In this notebook we will address the data cleaning steps needed in order to have a dataset suitable for modeling and analysis. We will import all of the yearly articles, convert the datetimes to Eastern Standard Time, tag the sentiment of each article, and combine each article with its historical stock price information for the day it was published. Finally we will tokenize, remove stop words, then aggregate all of the values so that we have one row of information per day. 

##### Import yearly data.

In [2]:
df1 = pd.read_csv('/Volumes/pimyllifeupshare/training_data/Goldman Sachs2020.csv', index_col=0)
df2 = pd.read_csv('/Volumes/pimyllifeupshare/training_data/Goldman Sachs2019.csv', index_col=0)
df3 = pd.read_csv('/Volumes/pimyllifeupshare/training_data/Goldman Sachs2018.csv', index_col=0)
df4 = pd.read_csv('/Volumes/pimyllifeupshare/training_data/Goldman Sachs2017.csv', index_col=0)
df5 = pd.read_csv('/Volumes/pimyllifeupshare/training_data/Goldman Sachs2016.csv', index_col=0)
df6 = pd.read_csv('/Volumes/pimyllifeupshare/training_data/Goldman Sachs2015.csv', index_col=0)
df = pd.concat([df1,df2, df3, df4, df5, df6])
df.dropna(subset=['fulltext'], inplace=True)
df.shape

(37709, 7)

##### Clean newlines and special characters

In [3]:
%%time
df['cleaned_text'] = df['fulltext'].apply(clean_text)
df['cleaned_authors'] = df['author'].apply(clean_text)

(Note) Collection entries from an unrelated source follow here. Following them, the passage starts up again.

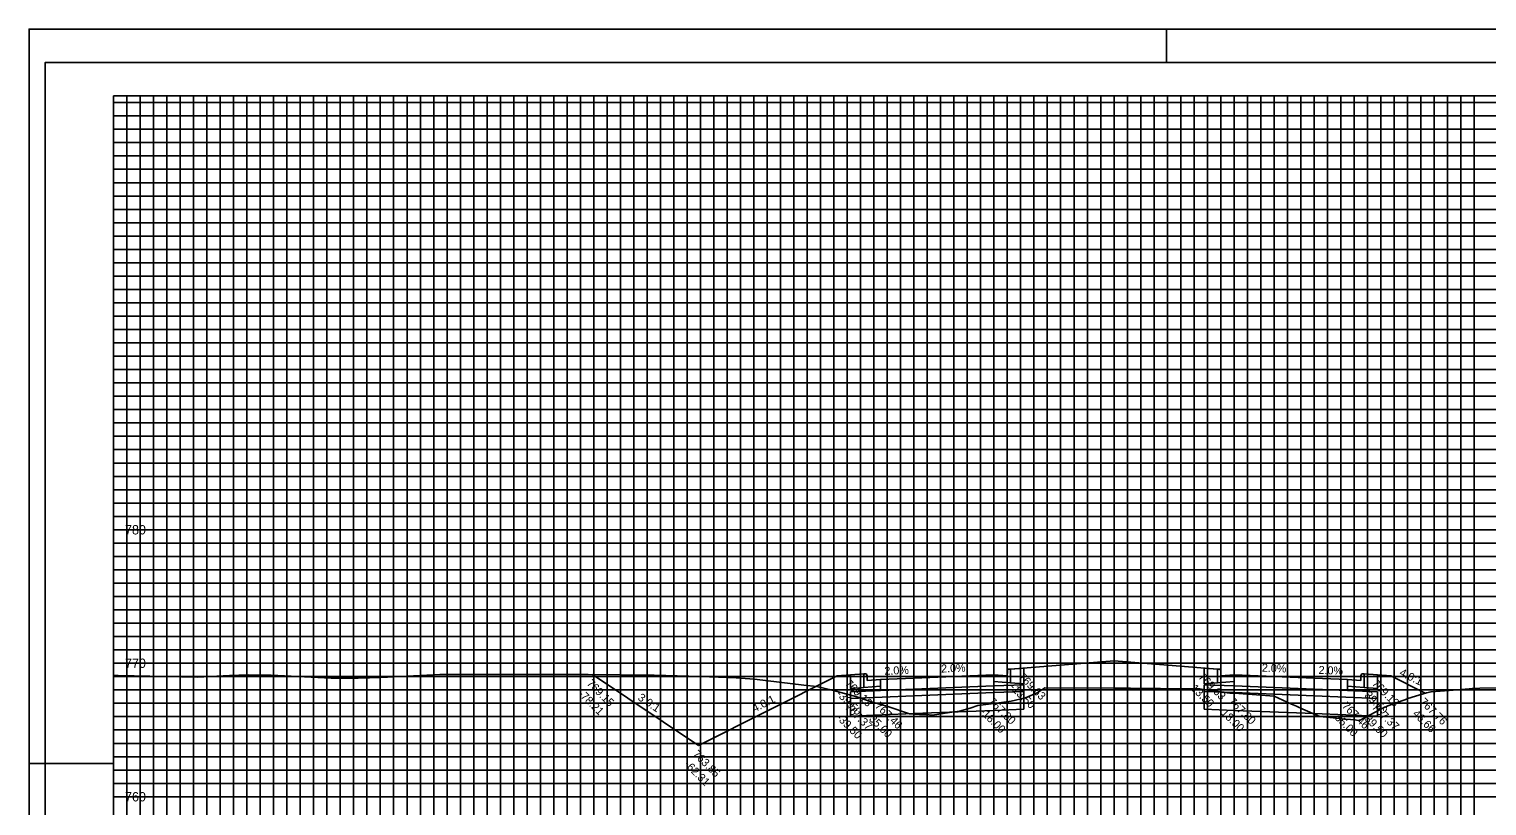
# Model space of a CAD drawing. Extents: x 578243 to 601557, y 174899 to 175559.
# Drawn here: x 599857.2 to 600075.7, y 175442.4 to 175558.8 of the extents above; entities that cross this region are included whole.
import ezdxf

# ---------------------------------------------------------------- set-up
doc = ezdxf.new("R2010")
doc.units = 0
for name, color, linetype in [('E_PROF_Grid', 7, 'Continuous'), ('E_PROF_GridMin', 7, 'Continuous'), ('P_CRDR_Label', 7, 'Continuous'), ('P_CRDR_Link', 7, 'Continuous'), ('P_E_XS_Ground', 7, 'Continuous'), ('P_XS_Text', 7, 'Continuous'), ('PLT_Sheet_Border', 7, 'Continuous'), ('PLT_Sheet_Info', 7, 'Continuous')]:
    doc.layers.add(name, color=color, linetype=linetype)

msp = doc.modelspace()

# ---------------------------------------------------------------- linework, layer by layer
at = {"layer": 'E_PROF_Grid'}
for p, q in [((599879.84, 175353.8), (599879.84, 175548.8)), ((599889.84, 175353.8), (599889.84, 175548.8)), ((599899.84, 175353.8), (599899.84, 175548.8)), ((599909.84, 175353.8), (599909.84, 175548.8)), ((599919.84, 175353.8), (599919.84, 175548.8)), ((599929.84, 175353.8), (599929.84, 175548.8)), ((599939.84, 175353.8), (599939.84, 175548.8)), ((599949.84, 175353.8), (599949.84, 175548.8)), ((599959.84, 175353.8), (599959.84, 175548.8)), ((599969.84, 175353.8), (599969.84, 175548.8)), ((599979.84, 175353.8), (599979.84, 175548.8)), ((599989.84, 175353.8), (599989.84, 175548.8)), ((599999.84, 175353.8), (599999.84, 175548.8)), ((600009.84, 175353.8), (600009.84, 175548.8)), ((600019.84, 175353.8), (600019.84, 175548.8)), ((600029.84, 175353.8), (600029.84, 175548.8)), ((600039.84, 175353.8), (600039.84, 175548.8)), ((600049.84, 175353.8), (600049.84, 175548.8)), ((600059.84, 175353.8), (600059.84, 175548.8)), ((600069.84, 175353.8), (600069.84, 175548.8)), ((599869.84, 175543.8), (600184.84, 175543.8)), ((599869.84, 175533.8), (600184.84, 175533.8)), ((599869.84, 175523.8), (600184.84, 175523.8)), ((599869.84, 175513.8), (600184.84, 175513.8)), ((599869.84, 175503.8), (600184.84, 175503.8)), ((599869.84, 175493.8), (600184.84, 175493.8)), ((599869.84, 175483.8), (600184.84, 175483.8)), ((599869.84, 175473.8), (600184.84, 175473.8)), ((599869.84, 175463.8), (600184.84, 175463.8)), ((599869.84, 175453.8), (600184.84, 175453.8)), ((599869.84, 175443.8), (600184.84, 175443.8))]:
    msp.add_line(p, q, dxfattribs=at)
at = {"layer": 'E_PROF_GridMin'}
for p, q in [((599869.84, 175547.8), (600184.84, 175547.8)), ((599871.84, 175353.8), (599871.84, 175548.8)), ((599873.84, 175353.8), (599873.84, 175548.8)), ((599875.84, 175353.8), (599875.84, 175548.8)), ((599877.84, 175353.8), (599877.84, 175548.8)), ((599881.84, 175353.8), (599881.84, 175548.8)), ((599883.84, 175353.8), (599883.84, 175548.8)), ((599885.84, 175353.8), (599885.84, 175548.8)), ((599887.84, 175353.8), (599887.84, 175548.8)), ((599891.84, 175353.8), (599891.84, 175548.8)), ((599893.84, 175353.8), (599893.84, 175548.8)), ((599895.84, 175353.8), (599895.84, 175548.8)), ((599897.84, 175353.8), (599897.84, 175548.8)), ((599901.84, 175353.8), (599901.84, 175548.8)), ((599903.84, 175353.8), (599903.84, 175548.8)), ((599905.84, 175353.8), (599905.84, 175548.8)), ((599907.84, 175353.8), (599907.84, 175548.8)), ((599911.84, 175353.8), (599911.84, 175548.8)), ((599913.84, 175353.8), (599913.84, 175548.8)), ((599915.84, 175353.8), (599915.84, 175548.8)), ((599917.84, 175353.8), (599917.84, 175548.8)), ((599921.84, 175353.8), (599921.84, 175548.8)), ((599923.84, 175353.8), (599923.84, 175548.8)), ((599925.84, 175353.8), (599925.84, 175548.8)), ((599927.84, 175353.8), (599927.84, 175548.8)), ((599931.84, 175353.8), (599931.84, 175548.8)), ((599933.84, 175353.8), (599933.84, 175548.8)), ((599935.84, 175353.8), (599935.84, 175548.8)), ((599937.84, 175353.8), (599937.84, 175548.8)), ((599941.84, 175353.8), (599941.84, 175548.8)), ((599943.84, 175353.8), (599943.84, 175548.8)), ((599945.84, 175353.8), (599945.84, 175548.8)), ((599947.84, 175353.8), (599947.84, 175548.8)), ((599951.84, 175353.8), (599951.84, 175548.8)), ((599953.84, 175353.8), (599953.84, 175548.8)), ((599955.84, 175353.8), (599955.84, 175548.8)), ((599957.84, 175353.8), (599957.84, 175548.8)), ((599961.84, 175353.8), (599961.84, 175548.8)), ((599963.84, 175353.8), (599963.84, 175548.8)), ((599965.84, 175353.8), (599965.84, 175548.8)), ((599967.84, 175353.8), (599967.84, 175548.8)), ((599971.84, 175353.8), (599971.84, 175548.8)), ((599973.84, 175353.8), (599973.84, 175548.8)), ((599975.84, 175353.8), (599975.84, 175548.8)), ((599977.84, 175353.8), (599977.84, 175548.8)), ((599981.84, 175353.8), (599981.84, 175548.8)), ((599983.84, 175353.8), (599983.84, 175548.8)), ((599985.84, 175353.8), (599985.84, 175548.8)), ((599987.84, 175353.8), (599987.84, 175548.8)), ((599991.84, 175353.8), (599991.84, 175548.8)), ((599993.84, 175353.8), (599993.84, 175548.8)), ((599995.84, 175353.8), (599995.84, 175548.8)), ((599997.84, 175353.8), (599997.84, 175548.8)), ((600001.84, 175353.8), (600001.84, 175548.8)), ((600003.84, 175353.8), (600003.84, 175548.8)), ((600005.84, 175353.8), (600005.84, 175548.8)), ((600007.84, 175353.8), (600007.84, 175548.8)), ((600011.84, 175353.8), (600011.84, 175548.8)), ((600013.84, 175353.8), (600013.84, 175548.8)), ((600015.84, 175353.8), (600015.84, 175548.8)), ((600017.84, 175353.8), (600017.84, 175548.8)), ((600021.84, 175353.8), (600021.84, 175548.8)), ((600023.84, 175353.8), (600023.84, 175548.8)), ((600025.84, 175353.8), (600025.84, 175548.8)), ((600027.84, 175353.8), (600027.84, 175548.8)), ((600031.84, 175353.8), (600031.84, 175548.8)), ((600033.84, 175353.8), (600033.84, 175548.8)), ((600035.84, 175353.8), (600035.84, 175548.8)), ((600037.84, 175353.8), (600037.84, 175548.8)), ((600041.84, 175353.8), (600041.84, 175548.8)), ((600043.84, 175353.8), (600043.84, 175548.8)), ((600045.84, 175353.8), (600045.84, 175548.8)), ((600047.84, 175353.8), (600047.84, 175548.8)), ((600051.84, 175353.8), (600051.84, 175548.8)), ((600053.84, 175353.8), (600053.84, 175548.8)), ((600055.84, 175353.8), (600055.84, 175548.8)), ((600057.84, 175353.8), (600057.84, 175548.8)), ((600061.84, 175353.8), (600061.84, 175548.8)), ((600063.84, 175353.8), (600063.84, 175548.8)), ((600065.84, 175353.8), (600065.84, 175548.8)), ((600067.84, 175353.8), (600067.84, 175548.8)), ((600071.84, 175353.8), (600071.84, 175548.8)), ((600073.84, 175353.8), (600073.84, 175548.8)), ((599869.84, 175545.8), (600184.84, 175545.8)), ((599869.84, 175541.8), (600184.84, 175541.8)), ((599869.84, 175539.8), (600184.84, 175539.8)), ((599869.84, 175537.8), (600184.84, 175537.8)), ((599869.84, 175535.8), (600184.84, 175535.8)), ((599869.84, 175531.8), (600184.84, 175531.8)), ((599869.84, 175529.8), (600184.84, 175529.8)), ((599869.84, 175527.8), (600184.84, 175527.8)), ((599869.84, 175525.8), (600184.84, 175525.8)), ((599869.84, 175521.8), (600184.84, 175521.8)), ((599869.84, 175519.8), (600184.84, 175519.8)), ((599869.84, 175517.8), (600184.84, 175517.8)), ((599869.84, 175515.8), (600184.84, 175515.8)), ((599869.84, 175511.8), (600184.84, 175511.8)), ((599869.84, 175509.8), (600184.84, 175509.8)), ((599869.84, 175507.8), (600184.84, 175507.8)), ((599869.84, 175505.8), (600184.84, 175505.8)), ((599869.84, 175501.8), (600184.84, 175501.8)), ((599869.84, 175499.8), (600184.84, 175499.8)), ((599869.84, 175497.8), (600184.84, 175497.8)), ((599869.84, 175495.8), (600184.84, 175495.8)), ((599869.84, 175491.8), (600184.84, 175491.8)), ((599869.84, 175489.8), (600184.84, 175489.8)), ((599869.84, 175487.8), (600184.84, 175487.8)), ((599869.84, 175485.8), (600184.84, 175485.8)), ((599869.84, 175481.8), (600184.84, 175481.8)), ((599869.84, 175479.8), (600184.84, 175479.8)), ((599869.84, 175477.8), (600184.84, 175477.8)), ((599869.84, 175475.8), (600184.84, 175475.8)), ((599869.84, 175471.8), (600184.84, 175471.8)), ((599869.84, 175469.8), (600184.84, 175469.8)), ((599869.84, 175467.8), (600184.84, 175467.8)), ((599869.84, 175465.8), (600184.84, 175465.8)), ((599869.84, 175461.8), (600184.84, 175461.8)), ((599869.84, 175459.8), (600184.84, 175459.8)), ((599869.84, 175457.8), (600184.84, 175457.8)), ((599869.84, 175455.8), (600184.84, 175455.8)), ((599869.84, 175451.8), (600184.84, 175451.8)), ((599869.84, 175449.8), (600184.84, 175449.8)), ((599869.84, 175447.8), (600184.84, 175447.8)), ((599869.84, 175445.8), (600184.84, 175445.8))]:
    msp.add_line(p, q, dxfattribs=at)
at = {"layer": 'P_CRDR_Link'}
for points in [[(600004.34, 175462.9), (600019.84, 175464.14)], [(600004.34, 175462.9), (600019.84, 175464.14)], [(600019.84, 175464.14), (600004.34, 175462.9)], [(600019.84, 175464.14), (600035.34, 175462.9)], [(600019.84, 175464.14), (600035.34, 175462.9)], [(600035.34, 175462.9), (600019.84, 175464.14)], [(599957.53, 175451.5), (599941.63, 175462.1)], [(599957.53, 175451.5), (599941.63, 175462.1)], [(599978.34, 175461.9), (599957.53, 175451.5)], [(599978.34, 175461.9), (599957.53, 175451.5)], [(599980.34, 175462.06), (599978.34, 175461.9)], [(599980.34, 175462.06), (599978.34, 175461.9)], [(599982.34, 175462.22), (599980.34, 175462.06)], [(599980.34, 175462.06), (599980.34, 175460.02)], [(599980.34, 175462.06), (599980.34, 175460.02)], [(599980.34, 175462.06), (599980.34, 175460.02)], [(599982.66, 175462.22), (599982.34, 175462.22)], [(599982.66, 175462.22), (599982.34, 175462.22)], [(599982.34, 175462.22), (599982.34, 175460.18)], [(599982.34, 175460.18), (599982.34, 175462.22)], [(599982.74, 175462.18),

CPU times: user 28 s, sys: 595 ms, total: 28.6 s
Wall time: 28.8 s


##### Changing the UTC time to EST.

In [4]:
#Change to Datetime
df["date"]= pd.to_datetime(df["date"])
df = df.set_index('date')
df.index = df.index.normalize()

In [5]:
%%time
#convert DateTime index to eastern time. 
eastern = pytz.timezone('US/Eastern')
df.index = df.index.tz_convert(eastern).tz_localize(None)
#put into year/month/day format
df.index = df.index.strftime('%Y-%m-%d')

CPU times: user 262 ms, sys: 5.26 ms, total: 268 ms
Wall time: 275 ms


### Using [tldextract](https://pypi.org/project/tldextract/) to extract company names from url's

In [6]:
%%time
df['news_outlet'] = df['source'].apply(get_outlet)
print('The dataset contains {} different articles from {} news outlets \n'.format(df.shape[0],df.news_outlet.nunique()))

The dataset contains 37709 different articles from 595 news outlets 

CPU times: user 365 ms, sys: 7.48 ms, total: 373 ms
Wall time: 377 ms


# Getting historical Stock Prices

In [7]:
years_we_need = [2015, 2016, 2017, 2018, 2019, 2020]

full_date_list = []

for year in years_we_need:
    res = get_month_day_range(year)
    full_date_list += res

The `get_past_prices` custom function uses a list of dates and a ticker symbol to call the twelvedata.com API for all of the dates in the provided list. In our case we want historical prices over the past 5 years, because we have 5 years worth of articles.

In [8]:
historical_prices = get_past_prices(full_date_list, 'GS')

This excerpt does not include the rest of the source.